TO SUM UP: this album is a masterpiece, a work of towering splendour. Mere mortals can only stand at the foot of it and gaze up in wonder at its artistic accomplishment. Yet it is also the poorest selling album of Joni's career.

Taking its cue from the heart-stopping revisit of Both Sides Now on her previous album, across two discs Travelogue pulls 22 songs from her catalogue and has them ambitiously rearranged by big-band com oser Vince Mendoza, recorded with the London Symphony Orchestra and a band including Wayne Shorter, Herbie Hancock and Billy Preston, and re-sung in Joni's life-weathered voice.

Neither jazz, classical, stage nor pop music, Travelogue occupies a unique landscape.

"These are my last two records," she told journalist James Reginato when the album was released, "I'm quitting after this, because the business has made itself so repugnant to me." She stated that, because it was hard to classify, and therefore market, Reprise, her label at the time, "dropped it like a hot potato". It was picked up, ironically, by another Warner Brothers offshoot, Nonesuch.

But the damage to Joni's pride was done and, in the few interviews she gave, she railed against the idiocy of the music business and claimed she no longer fit into it. When your promotional activity reads like a career suicide note, it's no surprise few potential listeners took the trouble to approach. But they missed out on one of pop culture's greatest achievements.

Her voice now with added smoky, oaken tones like a well-aged whiskey, the notes shorter but somehow more eloquent, Joni recasts these disparate songs (not necessarily her best known) as the thoughts of an older, wiser soul. To hear her sing "We've got to get our- selves back to the garden" in the breathtaking new Woodstock, brings up questions of mortality and legacy, and asks if mankind has learnt a single thing about itself since she first sang it. The mature voice may not be as nimble as its forebear, but its acting ability is more acute. Joni uncovers layers of profundity in these songs that maybe even she didn't realise were in there.
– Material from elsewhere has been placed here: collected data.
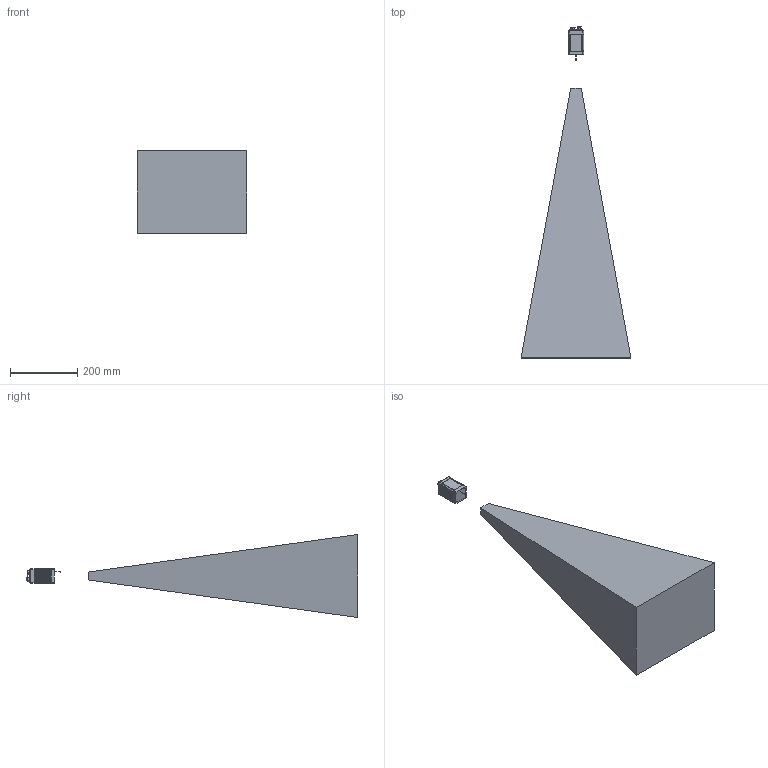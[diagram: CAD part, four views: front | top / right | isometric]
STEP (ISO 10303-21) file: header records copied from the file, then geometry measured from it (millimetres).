
FILE_DESCRIPTION(/* description */ (''),/* implementation_level */ '2;1');
FILE_NAME(/* name */ 'VISOR V50 XE-Medium.stp',/* time_stamp */ '2024-03-13T07:52:17+01:00',/* author */ ('SensoPart'),/* organization */ ('SensoPart'),/* preprocessor_version */ 'ST-DEVELOPER v19.2',/* originating_system */ 'Autodesk Inventor 2023',/* authorisation */ '');
FILE_SCHEMA (('AUTOMOTIVE_DESIGN { 1 0 10303 214 3 1 1 }'));
Length unit declared in the file: millimetre
Products named in the file (1): GH-ENG-0044896_Vereinfachen_1
Bounding box: 325.7 x 984.35 x 246.1 mm (x, y, z)
Volume: 23767703.4 mm3; surface area: 612012 mm2
Topology: 3 solids, 3 shells, 1051 faces, 2872 edges, 1930 vertices
Faces by surface type: plane 612, bspline 259, cylinder 147, cone 29, sphere 4
Full cylindrical faces by diameter (mm): 0.6 x12, 1 x1, 1.05 x8, 1.1 x2, 8.3 x1, 9.45 x1, 9.6 x1, 10.9 x1, 10.95 x2, 12 x2, 18 x3
Entity records: 43214 total; most frequent: CARTESIAN_POINT 17325, ORIENTED_EDGE 5742, DIRECTION 4042, EDGE_CURVE 2871, VERTEX_POINT 1929, LINE 1776, VECTOR 1776, EDGE_LOOP 1168
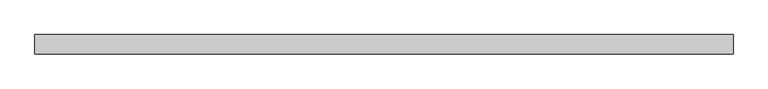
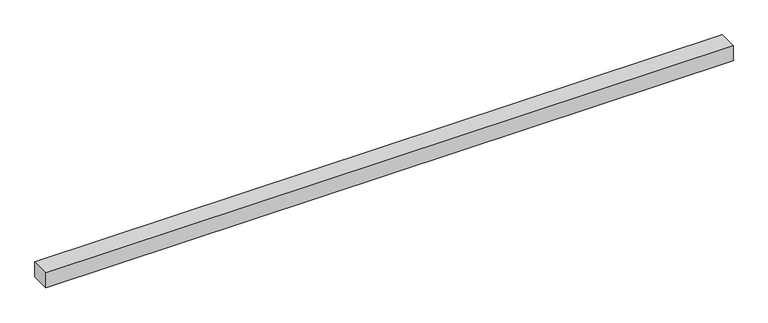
"""IFC4 building model written with IfcOpenShell, lengths in millimetres: proxy geometry, AERO^TABLE 5_54120 CTR TROUGH-POWER LID HINGE SOLID."""

from ifc_helpers import new_model, si_unit, origin, origin_with_axes, place, context, project, spatial, polyline, outline, extrude, source, transform, mapped, element, save


def generic_models_4dc68a47(model_context):
    return source(origin(), model_context, "Body", "SweptSolid", [
        extrude(outline(polyline([(1826.8188, 50.8), (1826.8188, 0.0), (0.0, 0.0), (0.0, 50.8), (1826.8188, 50.8)])), origin_with_axes(), (0.0, 0.0, 1.0), 41.275),
    ])


if __name__ == "__main__":
    model = new_model("IFC4")
    model_context = context("Model", 3, world=origin())
    ifc_project = project(units=[si_unit("LENGTHUNIT", "METRE", prefix="MILLI")], contexts=[model_context])
    site = spatial("IfcSite", under=ifc_project)
    building = spatial("IfcBuilding", under=site)
    placement = place(None, origin())
    generic_models_shape = generic_models_4dc68a47(model_context)
    element("IfcBuildingElementProxy", 1, Name="AERO^TABLE 5_54120 CTR TROUGH-POWER LID HINGE SOLID", ObjectType="AERO^TABLE 5_54120 CTR TROUGH-POWER LID HINGE SOLID", at=placement, inside=building, context=model_context, shape_type="MappedRepresentation", body=[
        mapped(generic_models_shape, transform((0.0, 0.0, 0.0), x_axis=(1.0, 0.0, 0.0), y_axis=(0.0, 1.0, 0.0), z_axis=(0.0, 0.0, 1.0))),
    ])
    save(model, "model.ifc")

She appears to be enjoying herself, able to swing things such as You Dream Flat Tires and Be Cool, both way more engaging than they are on Wild Things Run Fast. Mendoza's charts embrace multiple musics in their scope, and lift this material up to a new place, opening a sky-wide portal to a lifetime of influences and emotion - sweeping classical episodes subside to usher in gorgeous jazz solos - the sound swirling and mutating like a murmuration of calendar pages.

Travelogue will, if you let it, transport you to pop's highest peak.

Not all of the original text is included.